Yes, I’m twice as big as an average dolphin, and yes, I am as powerful as I look. Which is why you’ll never get to kiss my snout, or shake my flipper, or have me tow you screaming across the training pool for an extra $200. In fact, you’ll never get to see me perform at all: the Ocean Adventure World trainers, in their blue shirts and shiny black legs, wouldn’t dream of putting me on stage, because they’re certain I can’t possibly keep a single thought in my enormous, bloated head. Plus, they’re afraid I might kill somebody.
I sometimes wonder if I’m the only wolphin in the world, but of course I know I’ll never find out. Born landlocked, in sight of the ocean but destined never to touch it, I’m three years old now, and I understand my fate. My only tribe, if you can call us that, is the six other ‘Phins who are kept here. The Leggs—you two-legged ones—call me a Hapa, a half-and-half, a hybrid. The ‘Phins—the Pacific spinners, anyway—call me a freak. The Atlantic bottlenose ‘Phins, my Aunties, call me “poor baby.” But I don’t listen to any of them. I just keep my eye out for the Leggs in the blue shirts. They’re the ones with the sardines.
I pump my tail hard and rise up out of the water, peeking over the foggy Plexiglas barrier to see whether the Blue-Shirts have arrived yet. From here, I can look over the white stone wall that rings the World, across the road lined with dune buggies and rental cars, down to the line of ironwood trees and then the sand and the sea. Offshore Island, with its smooth cone shape and ash-colored slopes, rides in the center of the bay like a floating hat. Mauka-side, towards the mountains, the corrugated wall of the volcano mounds itself against the sky, its lower slopes shagged in green, its shoulder dark against the slow-moving clouds. The smell of the breeze is salty and sweet. The lions roar and the monkeys shriek from Exotic Animal World, the smelly little zoo next door.

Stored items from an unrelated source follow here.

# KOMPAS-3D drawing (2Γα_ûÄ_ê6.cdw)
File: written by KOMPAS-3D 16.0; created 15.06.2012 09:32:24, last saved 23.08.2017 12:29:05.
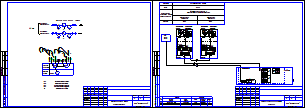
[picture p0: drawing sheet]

Sheets 1-2: A3, landscape

Title block, sheet 1: name: Руководство по эксплуатации; sheet number: 1; sheets: 27; organisation: ООО"Интелприбор"; sheet format: A3; stored path: W:\Users\smirnov_v\Desktop\шаблоны\4-х трубка\4-х трубка ГВС-max.cdw / D:\Проекты\Лыткарино\ул. Квартал 3А, д.25\710.74 РП.cdw; file name: 4-х трубка ГВС-max.cdw / 710.74 РП.cdw; cell 51: МО, Воскресенсикй р-н, п. Хорлово, ул. Интернациональная, д. 4; cell 320: Р
Title block, sheet 2: sheet number: 2

Views: Вид 2, Вид 3
Referenced files in C:\Program Files (x86)\ASCON\KOMPAS-3D V16\Sys\: spds.lcs, EngSys.lcs, GRAPHIC.LHS
Referenced files: graphic.tdp
Referenced files in W:\Users\smirnov_v\Desktop\шаблоны\4-х трубка\: 4-х трубка ГВС-max.cdw
Referenced files in D:\Проекты\Лыткарино\ул. Квартал 3А, д.25\: 710.74 РП.cdw
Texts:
  Смирнов В.С.
  УУ-3423
  GOST Common
  Normal
  List Paragraph
  heading 3
  для схемы
  txt
  Т0-элементы
  ВРУ
  Плата подключений
  СБ МКТС
  UP+
  UP-
  ИМП
  Лин
  Измерительный
  модуль М121
  Pt 100
  Преобразователь
  температуры
  давления
  каб.
  Начало
  трассы
  Трассы
  Марка
  Проложен
  Изм. модуль (Т1)
  Изм. модуль (Т2)
  ВРУ 220В, 50 Гц
  ИМ (Т1)
  FTP
  ПВС
  Конец
  Кол-во и
  сеч. жил
  Длина,
  Преобразователь расхода
  Термопреобразователь
  Преобразователь давления
  Преобразователь цифровой
  Системный блок МКТС
  приборы
  по месту
  шкаф
  учета
  UQIES
  Подающий
  трубопровод
  Обратный
  УУТЭ
  Функциональная схема
  Агрегат
  Системный блок  МКТС
  Среда
  Вода
  параметра и место
  отбора импульса
  Учет тепловой энергии и
  теплоносителя системы отопления
  отопления
  ИМ1
  ИМ2
  Размеры, параметризация
  сит. план
  подача ГВС
  обратка ГВС
  хвс
  обратка
  POLYLINE_STYLE_0.25_RGB_0_0_0
  стены
  Основная (не является границей для штриховки)
  POLYLINE_STYLE_0.18_RGB_0_0_0
  ХВС
  зеленая
  Красная тонкая
  арматура
  Подача
  Скрытая линия
  Ось Z
  Ось Y
  Ось X
  Образующая трубопровода (проектируемого)
  Трубопровод толщиной 0.6мм (одна линия)
  Трубопровод толщиной 1.2мм (одна линия)
  Трубопровод толщиной 1.0мм (одна линия)
  Трубопровод толщиной 0.8мм (одна линия)
  Трубопровод существующий (одна линия)
  Трубопровод невидимый (одна линия)
  Трубопровод демонтируемый (одна линия)
  Осевая трубопровода
  Осевая трубопровода (демонтируемого)
  Образующая трубопровода (существующего)
  Образующая трубопровода (невидимого)
  Изолированный трубопровод проектируемый (одна линия)
  Изолированный трубопровод существующий (одна линия)
  Образующая изоляции
  Изоляция
  Изолированный трубопровод невидимый (одна линия)
  Штрих пвс 075
  штрих пвс 2,5
  существующее оборудование
  Существующее оборудование
  K5LT_BASIC_RGB_0_0_255_THICK_0.53
  POLYLINE_STYLE_1.51_RGB_0_0_255
  POLYLINE_STYLE_0.50_RGB_128_128_128
  K5LT_AXLED_RGB_255_128_0_SC_1_THICK_0.18
  ACAD_ISO04W100_RGB_0_0_0_SC_1_THICK_0.18
  тонкая черная
  тонкая красная
  тонкая синяя
  тонкая оранж
  красн штрих
  пломбировка
  Провода
  синий штрих
  Стили документа
  G2co
  расход вторичной воды объемный
  расход вторичной воды объемный при 70гр
  Gco
  расход теплоносителя массовый
  расход теплоносит объемн подающ
  расход теплоносит объемн обр
  Лапир
  Ghvs
  Im1
  Im2
  Im3
  Im4
  Im5
  Khvs
  норматив ХВС
  число подъездов
  число этажей
  Nkv
  число квартир
  тепловая нагрузка на отопление
  сумма Q
  Qgvs
  тепловая нагрузка ГВС
  тепловая нагрузка на циркуляцию ГВС
  иммитовставка или под манометр
  ro1
  ro2
  ro3
  ro4
  верх предел темп граф
  нижн предел темп граф
  темп подачи ГВС
  темп обр ГВС
  темр хол воды
  vzdh
  Kchn
  Ktp
  Knp
  tnv
  Vклап
  KLP
  RPD
  RDS
  PUMP
  ro5
  beta
  tnv98
  Shifr
  Переход ГОСТ 17378-2001
  Переход
  ГОСТ
  Сталь 09Г2С ГОСТ 19281-89
  Втулка 20x50
  Лит-Масса-Масштаб
  Материал-Предприятие
  Title Specification
  Body Specification ( left align )
  Body Specificaton ( centered )
  Поз.
  Кол.
  Приме-
  чание
  Таблица спецификации
  Засыпка
  Штрих3
  Штрих2
  Штрих1
  Песок
  Штр0.5пр7
  Штр0.5пр12
  Штр0.3пр10
  Штр1.4пр21.21
  Штр1пр15
  Штр2.12пр35
  Штр1.5пр25
  Штр2.82пр42.42
  Штр2пр30
  SACNCR_ISO 1
  Электрощитовая
  Пр-1
  Ок-1
  Обозначение стандарта
  Типоразмер
  Пояснительная записка
  автоматизации
  Рабочие чертежи основного комплекта. ГОСТ Р 21.1101-2009 Ф3
  Стадия
  Лист
  Листов
  Изм.
  Кол.уч.
  №док.
  Подп.
  Дата
  Разраб.
  Пров.
  Т.контр.
  Н.контр.
  Утв.
  Изменение
  Номер документа
  Подпись
  Наименование объекта строительства, в состав которого входит здание, наим. микр
  Наименование здания (сооружения)
  Порядковый номер листа
  Количество листов в документе
  Наименование изображения
  Индекс предприятия, выпускающего документ
  Инв. № подл.
  Подп. и дата
  Взам. инв. №
  Инвентарный номер подлинника
  Подпись принявшего подлинник на хранение
  Инвентарный номер подлинника, взамен которого выпущен данный подлинник
  Согласовано
  Формат листа
  Согласование
  03 Рабочие чертежи основного комплекта. ГОСТ Р 21.1101-2009 Ф3
  Схема соединений внешних
  проводок
Dimensions and other numbers on the sheet: 220В; 50Гц; 1; 2; 3; 6; 5; 4; 4-20; 2x2x0,52; 3х0,75; 50; 9; 1,2; 3,4; 5,6; 7,8; 10; 7; 8; 5,0; 3,2388; 0,0400; 40; 95; 3,1876; 4,5; 70; 09Г2С; 20; 27
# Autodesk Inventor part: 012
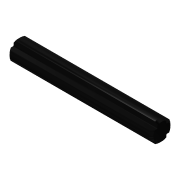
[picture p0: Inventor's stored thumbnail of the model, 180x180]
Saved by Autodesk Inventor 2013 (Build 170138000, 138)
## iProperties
Created: 2013-02
Part Number: 012
Material: Generic
Document SubType Name: Modeling
Designer: perblt
Density: 1 g/cm^3
Author: perblt
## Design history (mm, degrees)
sketch "Sketch1"
  geometry: L1 (1, -2.182)-(-1, -2.182); L2 (-1, 2.182)-(1, 2.182); L3 (1, -2.182)-(-1, 2.182); L4 (-1, -2.182)-(1, 2.182); L5 (-2.182, -1)-(-2.182, 1); L6 (2.182, 1)-(2.182, -1); L7 (2.182, -1)-(-2.182, 1); L8 (-2.182, -1)-(2.182, 1); L9 (2.182, -1)-(1, -1); L10 (-1, -1)-(-2.182, -1); L11 (1, 2.182)-(1, 1); L12 (1, -1)-(1, -2.182); L13 (-2.182, 1)-(-1, 1); L14 (1, 1)-(2.182, 1); L15 (-1, -2.182)-(-1, -1); L16 (-1, 1)-(-1, 2.182); A1 r 2.4 centre (0, 0) between (-1, -2.182) and (1, -2.182); A2 r 2.4 centre (0, 0) between (2.182, -1) and (2.182, 1); A3 r 2.4 centre (0, 0) between (1, 2.182) and (-1, 2.182); A4 r 2.4 centre (0, 0) between (-2.182, 1) and (-2.182, -1); 1 further point
  constraints: 32 end point, 10 parallel, 8 point on circle, 4 centre point, 4 midpoint, 4 perpendicular, 3 horizontal, 1 coincident
  dimensions: "d1" = 2 distance of L2.start L2.end; "d2" = 2 distance of L5.start L5.end
extrude "Extrusion1" new body sketch "Sketch1" distance "d3" = 32; taper "d4" = 0 deg
chamfer "Chamfer1" distance "d5" = 0.5; stored, may be unused: second distance "d6" = 2, angle "d7" = 45 deg
chamfer "Chamfer2" distance "d8" = 0.5; stored, may be unused: second distance "d9" = 2, angle "d10" = 45 deg
chamfer "Chamfer3" distance "d11" = 0.1; stored, may be unused: second distance "d12" = 2, angle "d13" = 45 deg
body "Solid1"
other parameters: "d0" = 4.8
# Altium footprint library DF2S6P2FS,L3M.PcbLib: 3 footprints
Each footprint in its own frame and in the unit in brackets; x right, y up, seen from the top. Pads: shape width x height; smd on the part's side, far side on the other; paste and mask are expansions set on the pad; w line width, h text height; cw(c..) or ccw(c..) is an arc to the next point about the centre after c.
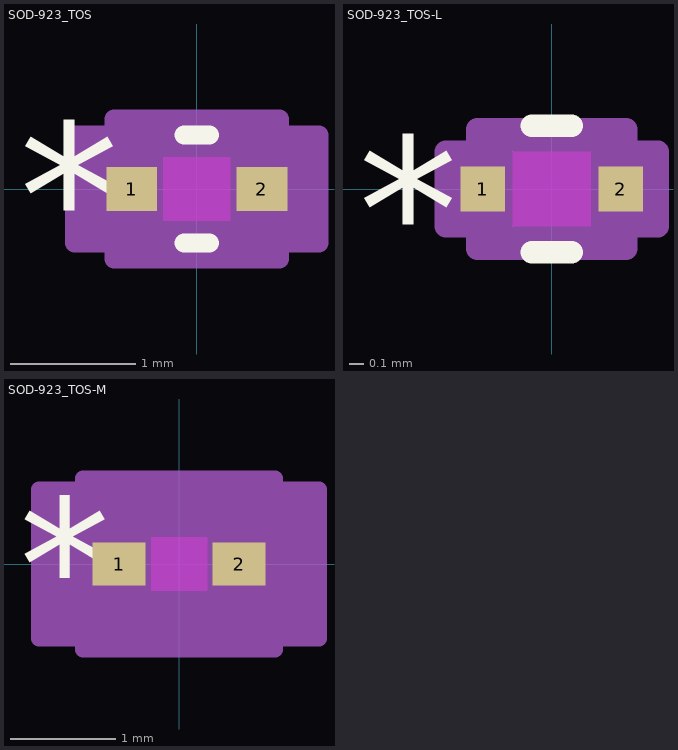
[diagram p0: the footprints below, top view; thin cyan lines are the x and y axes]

## SOD-923_TOS [mil]
pads (2):
  rect 16x14 smd paste+0 mask+0: 1(-20.5,0) 2(20.5,0)
Top Layer keep-out:
  region: -10.5,-10 -10.5,10 10.5,10 10.5,-10
Top Overlay:
  lines w6: -4.04,-17 4.04,-17 ; -4.04,17 4.04,17
  text ".Designator" at -137.5,-25 h50
  text "*" at -56,-25 h50
Keep-Out Layer:
  region: -10.5,-10 -10.5,10 10.5,10 10.5,-10
Mechanical 13:
  lines w1: -16,-6 -10,-12 ; -16,6 -10,12 ; -20.5,-7 -20.5,7 -16,7 -16,-7 -20.5,-7 ; -16,-12 16,-12 16,12 -16,12 -16,-12 ; 16,-7 16,7 20.5,7 20.5,-7 16,-7
  text "*" at -18.5,-25 h50
  text ".Designator" at -137.5,-25 h50
Mechanical 15:
  region: -26,-17 -38.5,-17 -38.5,17 -26,17 -26,22 26,22 26,17 38.5,17 38.5,-17 26,-17 26,-22 -26,-22
  lines w6: -38.5,-17 -38.5,17 -26,17 -26,22 26,22 26,17 38.5,17 38.5,-17 26,-17 26,-22 -26,-22 -26,-17 -38.5,-17
3D body "SOD-923_TOS.step": height 18.27, standoff 0, extent -20.51,-12.01 20.51,12.01

## SOD-923_TOS-L [mil]
pads (2):
  rect 12x12 smd paste+0 mask+0: 1(-18.5,0) 2(18.5,0)
Top Layer keep-out:
  region: -10.5,-10 -10.5,10 10.5,10 10.5,-10
Top Overlay:
  lines w6: -5.39,-17 5.39,-17 ; -5.39,17 5.39,17
  text ".Designator" at -137.5,-25 h50
  text "*" at -52,-25 h50
Keep-Out Layer:
  region: -10.5,-10 -10.5,10 10.5,10 10.5,-10
Mechanical 13:
  lines w1: -16,-6 -10,-12 ; -16,6 -10,12 ; -20.5,-7 -20.5,7 -16,7 -16,-7 -20.5,-7 ; -16,-12 16,-12 16,12 -16,12 -16,-12 ; 16,-7 16,7 20.5,7 20.5,-7 16,-7
  text "*" at -18.5,-25 h50
  text ".Designator" at -137.5,-25 h50
Mechanical 15:
  region: -20,-10 -28.5,-10 -28.5,10 -20,10 -20,16 20,16 20,10 28.5,10 28.5,-10 20,-10 20,-16 -20,-16
  lines w6: -28.5,-10 -28.5,10 -20,10 -20,16 20,16 20,10 28.5,10 28.5,-10 20,-10 20,-16 -20,-16 -20,-10 -28.5,-10
3D body "SOD-923_TOS.step": height 18.27, standoff 0, extent -20.51,-12.01 20.51,12.01

## SOD-923_TOS-M [mil]
pads (2):
  rect 20x16 smd paste+0 mask+0: 1(-22.5,0) 2(22.5,0)
Top Layer keep-out:
  region: -10.5,-10 -10.5,10 10.5,10 10.5,-10
Top Overlay:
  text ".Designator" at -137.5,-25 h50
  text "*" at -60,-25 h50
Keep-Out Layer:
  region: -10.5,-10 -10.5,10 10.5,10 10.5,-10
Mechanical 13:
  lines w1: -16,-6 -10,-12 ; -16,6 -10,12 ; -20.5,-7 -20.5,7 -16,7 -16,-7 -20.5,-7 ; -16,-12 16,-12 16,12 -16,12 -16,-12 ; 16,-7 16,7 20.5,7 20.5,-7 16,-7
  text "*" at -18.5,-25 h50
  text ".Designator" at -137.5,-25 h50
Mechanical 15:
  region: -36,-28 -52.5,-28 -52.5,28 -36,28 -36,32 36,32 36,28 52.5,28 52.5,-28 36,-28 36,-32 -36,-32
  lines w6: -52.5,-28 -52.5,28 -36,28 -36,32 36,32 36,28 52.5,28 52.5,-28 36,-28 36,-32 -36,-32 -36,-28 -52.5,-28
3D body "SOD-923_TOS.step": height 18.27, standoff 0, extent -20.51,-12.01 20.51,12.01
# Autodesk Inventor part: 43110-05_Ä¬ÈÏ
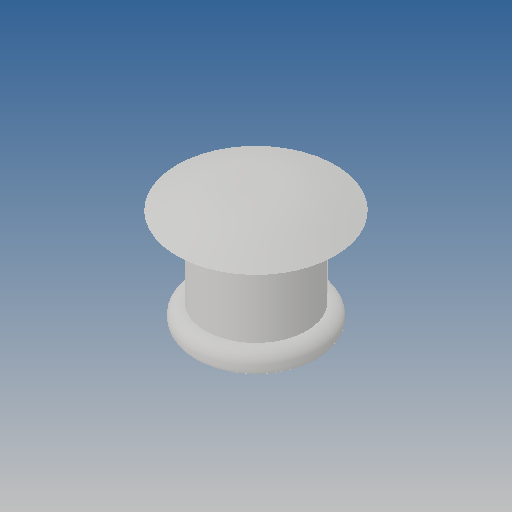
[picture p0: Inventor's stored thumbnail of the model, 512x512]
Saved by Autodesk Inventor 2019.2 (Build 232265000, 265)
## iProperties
Created: 2010-06
Part Number: 43110-05_Ä¬ÈÏ
Material: Ogólny
Document SubType Name: Modeling
Designer: CADENGINEERING4
Density: 1 g/cm^3
Appearance: Domyślna
Author: CADENGINEERING4
Revision Number: ÈÎºÎ
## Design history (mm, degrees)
feature "NONE"
node "Bryła1"
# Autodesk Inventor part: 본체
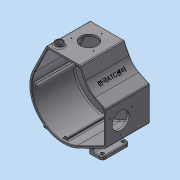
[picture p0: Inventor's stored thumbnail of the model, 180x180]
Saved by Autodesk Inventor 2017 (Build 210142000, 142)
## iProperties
Created: 2017-05
Part Number: 본체
Material: 알루미늄 6061
Document SubType Name: Modeling
Designer: mduedu
Density: 2.71 g/cm^3
Appearance: 기본값
Mass: 1345.72 g
Surface Area: 1824.08 cm^2
Volume: 496.576 cm^3
Author: mduedu
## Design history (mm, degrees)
sketch "스케치1"
  geometry: L1 (-71.801, 35.28)-(-40, 100); L2 (-40, 100)-(40, 100); L3 (40, 100)-(59.768, 59.768); L4 (59.768, 59.768)-(100, 40); L5 (100, 40)-(100, -40); L6 (100, -40)-(35.28, -71.801); A1 r 80 centre (0, 0) between (-71.801, 35.28) and (35.28, -71.801); 3 further points
  constraints: 12 end point, 4 tangent, 2 midpoint, 2 point on circle, 1 centre point, 1 coincident, 1 horizontal, 1 horizontal alignment, 1 perpendicular, 1 vertical alignment
  dimensions: "d0" = 160 diameter of A1; "d2" = 100 distance from line of L2 point (0, 0); "d3" = 100 distance from line of L5 point (0, 0); "d4" = 80 distance of L1.end L2.end; "d5" = 80 distance of L4.end L5.end
extrude "돌출1" new body sketch "스케치1" distance "d6" = 5; taper "d7" = 0 deg
fillet "모깎기1" dims "d8" = 50
sketch "스케치2"
  geometry: C1 r 22 at (0, 0); 1 further point
  constraints: 1 centre point, 1 coincident
  dimensions: "d9" = 44 diameter of C1
extrude "돌출2" join sketch "스케치2" distance "d10" = 22.5; taper "d11" = 0 deg
sketch "스케치3"
  geometry: C1 r 18.5 at (0, 0); 1 further point
  constraints: 1 centre point, 1 coincident
  dimensions: "d12" = 37 diameter of C1
extrude "돌출3" cut sketch "스케치3" distance "d13" = 9; taper "d14" = 0 deg
fillet "모깎기2" dims "d15" = 3
sketch "스케치4"
  geometry: L1 (35.28, -71.801)-(100, -40) reference; L2 (100, -40)-(100, 40) reference; L3 (100, 40)-(75.073, 52.248) reference; L4 (52.248, 75.073)-(40, 100) reference; L5 (40, 100)-(-40, 100) reference; L6 (-40, 100)-(-71.801, 35.28) reference; L7 (-36.886, 95)-(36.886, 95); L8 (36.886, 95)-(47.76, 72.868); L9 (72.868, 47.76)-(95, 36.886); L10 (95, 36.886)-(95, -36.886); L11 (95, -36.886)-(33.075, -67.313); L12 (-67.313, 33.075)-(-36.886, 95); C1 r 25 at (0, 0) reference; A1 r 50 centre (97.123, 97.123) between (52.248, 75.073) and (75.073, 52.248) reference; A2 r 80 centre (0, 0) between (-71.801, 35.28) and (35.28, -71.801) reference; A3 r 55 centre (97.123, 97.123) between (47.76, 72.868) and (72.868, 47.76); A4 r 75 centre (0, 0) between (-67.313, 33.075) and (33.075, -67.313); 1 further point
  constraints: 12 end point, 4 point on circle, 2 centre point, 7 other
  dimensions: "d16" = 5 distance between parallel lines of L7 L5
extrude "돌출4" join sketch "스케치4" distance "d17" = 100; taper "d18" = 0 deg
sketch "스케치5"
  geometry: L1 (80, 0)-(0, 0) reference; C1 r 20 at (40, -45); 2 further points
  constraints: 1 centre point, 1 midpoint, 1 vertical alignment
  dimensions: "d19" = 40 diameter of C1; "d21" = 45 distance from line of C1.centre L1
extrude "돌출5" cut sketch "스케치5" stored distance "d22" = 100; taper "d23" = 0 deg
sketch "스케치6"
  geometry: L1 (0, 0)-(0, -105) reference; L2 (80, -105)-(0, -105) reference; C1 r 9 at (14, -89); 1 further point
  constraints: 1 centre point
  dimensions: "d24" = 18 diameter of C1; "d26" = 14 distance from line of C1.centre L1; "d27" = 16 distance from line of C1.centre L2
extrude "돌출6" join sketch "스케치6" distance "d28" = 7; taper "d29" = 0 deg
hole "구멍1" diameter "d32" = 14; stored, may be unused: countersink angle "d36" = 90 deg, drill point angle "d38" = 118 deg; dims "d33" = 6, "d34" = 4, "d35" = 2, "d37" = 8, "d39" = 10, "d40" = 10
sketch "스케치7"
  geometry: L1 (-105, 0)-(-105, 80) reference; L2 (0, 0)-(0, 80) reference; C1 r 20 at (-70, 40); 2 further points
  constraints: 1 centre point, 1 horizontal alignment, 1 midpoint
  dimensions: "d41" = 40 diameter of C1; "d42" = 35 distance from line of C1.centre L1
extrude "돌출7" cut sketch "스케치7" stored distance "d43" = 7; taper "d44" = 0 deg
node "작업 평면1"
sketch "스케치8"
  geometry: L1 (47.76, 72.868)-(36.886, 95) reference; L2 (36.886, 95)-(-36.886, 95) reference; L3 (-36.886, 95)-(-67.313, 33.075) reference; L4 (33.075, -67.313)-(95, -36.886) reference; L5 (95, -36.886)-(95, 36.886) reference; L6 (95, 36.886)-(72.868, 47.76) reference; L7 (95, 36.886)-(95, -36.886) reference; L8 (-36.886, 95)-(36.886, 95) reference; L9 (36.886, 95)-(47.76, 72.868) reference; L10 (-71, 4)-(-74.893, 4); L11 (-71, -4)-(-74.893, -4); L12 (-4, -71)-(-4, -74.893); L13 (4, -71)-(4, -74.893); L14 (30.394, 91)-(30.394, 95); L15 (34.394, 87)-(40.817, 87); L16 (30.394, 95)-(36.886, 95); L17 (36.886, 95)-(37.984, 92.764); L18 (91, 30.394)-(95, 30.394); L19 (87, 34.394)-(87, 40.817); L20 (87, 40.817)-(95, 36.886); L21 (95, 36.886)-(95, 30.394); C1 r 25 at (0, 0) reference; A1 r 75 centre (0, 0) between (-67.313, 33.075) and (33.075, -67.313) reference; A2 r 55 centre (97.123, 97.123) between (47.76, 72.868) and (72.868, 47.76) reference; A3 r 4 centre (-71, 0) between (-71, 4) and (-71, -4); A4 r 4 centre (0, -71) between (-4, -71) and (4, -71); A5 r 4 centre (34.394, 91) between (30.394, 91) and (34.394, 87); A6 r 75 centre (0, 0) between (-67.313, 33.075) and (33.075, -67.313) reference; A7 r 4 centre (91, 34.394) between (91, 30.394) and (87, 34.394); 1 further point
  constraints: 24 end point, 17 point on circle, 14 tangent, 5 point on line, 4 centre point, 3 equal radius, 3 perpendicular, 3 vertical, 2 collinear, 2 horizontal, 1 horizontal alignment, 1 parallel, 1 vertical alignment
  dimensions: "d46" = 8 diameter of A3
extrude "돌출8" join sketch "스케치8" stored distance "d49" = 7; taper "d50" = 0 deg
node "작업 평면2"
sketch "스케치9"
  geometry: L1 (71.801, 0)-(71.801, 105) reference; L2 (71.801, 0)-(-35.28, 0) reference; L3 (-35.28, 0)-(-35.28, 105) reference; L4 (71.801, 105)-(-35.28, 105) reference; L5 (40, 0)-(40, 105) reference; L6 (71.801, 52.5)-(-35.28, 52.5); L7 (71.801, 20)-(40, 20); L8 (40, 20)-(40, 85); L9 (40, 85)-(71.801, 85); L10 (71.801, 85)-(71.801, 20); 1 further point
  constraints: 10 end point, 2 midpoint, 2 parallel, 2 point on line, 1 horizontal, 1 perpendicular, 1 other
  dimensions: "d52" = 20 distance between parallel lines of L7 L2
extrude "돌출9" join sketch "스케치9" distance "d53" = 8; taper "d54" = 0 deg
fillet "모깎기3" dims "d55" = 8
sketch "스케치10"
  geometry: C1 r 4 at (-63.801, -28); C2 r 4 at (-63.801, -77); A1 r 8 centre (-63.801, -28) between (-63.801, -20) and (-71.801, -28) reference; A2 r 8 centre (-63.801, -77) between (-71.801, -77) and (-63.801, -85) reference; 1 further point
  constraints: 2 centre point, 2 coincident, 1 equal radius
  dimensions: "d56" = 8 diameter of C1
extrude "돌출10" cut sketch "스케치10" stored distance "d57" = 50.5; taper "d58" = 0 deg
sketch "스케치11"
  geometry: L1 (-63.801, -20)-(-40, -20) reference; L2 (-40, -20)-(-40, -85) reference; L3 (-40, -85)-(-63.801, -85) reference; L4 (-71.801, -77)-(-71.801, -28) reference; L5 (71.801, -77)-(71.801, -28) reference; L6 (40, -85)-(63.801, -85) reference; L7 (40, -20)-(40, -85) reference; L8 (63.801, -20)-(40, -20) reference; L9 (-40, -85)-(-48, -85); L10 (-48, -85)-(-48, -20); L11 (-48, -20)-(-40, -20); L12 (-40, -20)-(-40, -85); L13 (40, -85)-(48, -85); L14 (48, -85)-(48, -20); L15 (48, -20)-(40, -20); L16 (40, -20)-(40, -85); C1 r 4 at (-63.801, -28) reference; C2 r 4 at (-63.801, -77) reference; C3 r 4 at (63.801, -28) reference; C4 r 4 at (63.801, -77) reference; A1 r 8 centre (-63.801, -28) between (-63.801, -20) and (-71.801, -28) reference; A2 r 8 centre (-63.801, -77) between (-71.801, -77) and (-63.801, -85) reference; A3 r 8 centre (63.801, -28) between (71.801, -28) and (63.801, -20) reference; A4 r 8 centre (63.801, -77) between (63.801, -85) and (71.801, -77) reference; 1 further point
  constraints: 16 end point, 4 parallel, 2 horizontal, 2 perpendicular, 2 point on line
  dimensions: "d59" = 8 distance of L10.end L11.end; "d61" = 8 distance of L14.end L15.end
extrude "돌출11" join sketch "스케치11" stored distance "d62" = 5; taper "d63" = 0 deg
fillet "모깎기4" dims "d64" = 5
fillet "모깎기5" dims "d65" = 2
fillet "모깎기6" dims "d66" = 2
fillet "모깎기8" dims "d68" = 2
fillet "모깎기9" dims "d70" = 3, "d101" = 1
fillet "모깎기10" dims "d71" = 3
fillet "모깎기11" dims "d72" = 3
fillet "모깎기12" dims "d73" = 3
fillet "모깎기13" dims "d76" = 3
chamfer "모따기1" distance "d77" = 0.5; stored, may be unused: second distance "d78" = 2, angle "d79" = 45 deg
chamfer "모따기2" distance "d87" = 1; stored, may be unused: second distance "d88" = 2, angle "d89" = 45 deg
chamfer "모따기3" distance "d90" = 1; stored, may be unused: second distance "d91" = 2, angle "d92" = 45 deg
sketch "스케치14"
  geometry: 3 further points
  constraints: 3 other
hole "구멍2" sketch "스케치14" at (-55.375, -40), (-3.414, -40), (-29.394, -85) diameter "d93" = 2.459; stored, may be unused: countersink angle "d97" = 90 deg, drill point angle "d99" = 0 deg; dims "d94" = 6, "d95" = 4, "d96" = 2, "d98" = 8
sketch "스케치15"
  geometry: 3 further points
  constraints: 3 other
hole "구멍4" sketch "스케치15" at (-55.981, -14.394), (-4.019, -14.394), (-30, -59.394) diameter "d102" = 2.459; stored, may be unused: countersink angle "d106" = 90 deg, drill point angle "d108" = 0 deg; dims "d103" = 6, "d104" = 4, "d105" = 2, "d107" = 8
sketch "스케치16"
  geometry: 4 further points
  constraints: 4 other
hole "구멍6" sketch "스케치16" at (0, -71), (91, 34.394), (34.394, 91), (-71, 0) diameter "d109" = 2.459; stored, may be unused: countersink angle "d113" = 90 deg, drill point angle "d115" = 120 deg; dims "d110" = 8.5, "d111" = 4, "d112" = 2, "d114" = 10
node "작업 평면4"
sketch "스케치17"
  geometry: 2 further points
  constraints: 1 horizontal alignment, 1 other
  dimensions: "d116" = 52.5 distance of point (0, 16.14) point (52.5, 16.14)
feature "엠보싱2" sketch "스케치17" dims "d117" = 0.5, "d118" = 0
node "솔리드1"
mirror "대칭1"
node "투영된 루프1"
node "투영된 루프2"
node "투영된 루프3"
node "투영된 루프4"
node "투영된 루프5"
other parameters: "d45" = 95

I sing my song to the hollow cliffs of Captain Cook Discovery Bay, and listen as it echoes back to me, thin and alone.
There, just entering the channel beside Offshore Island, I see them! The great fountains bursting from the surface of the sea. Rainy season and dry, I have watched those spouts of white from the huge creatures passing south, to the breeding grounds, and then north, to the feeding grounds. The vibrations of their songs seem to shake the very concrete of our pools with the longing, the invitation, the command: Go Beyond. My mother always told me that the Orca who fathered me is of their tribe, the tribe of Whales. It sometimes feels like their calls of transit are meant especially for me—not just a passing greeting, or the announcement of the Royal passage, but an actual summons, invoking me, Wolphin.
But that can’t be. Whether you call me a hybrid or a freak, there’s only one of me, and no way the Great Whales could know of my existence. When their calls rumble in my rostrum and fill my lower jaw with a wiry, wild energy, I drop my head low and plow around and around and around my pool, “doing my doughnuts,” the Leggs call it, until the great creatures at last leave the bay, leaving me to my unending rounds of business. “The business I was born to,” the Leggs say, as if it were a rich legacy and not just careless abandonment in a few feet of water.
But enough of my talk-story. It’s 6:30 AM. The whales are gone. The palm trees dance black against the lavender sky. Whale-gray clouds migrate on the breeze with ponderous grace. When I tell you about this day, I’m telling you about all the days. Other than the weather, nothing ever changes at Ocean Adventure World.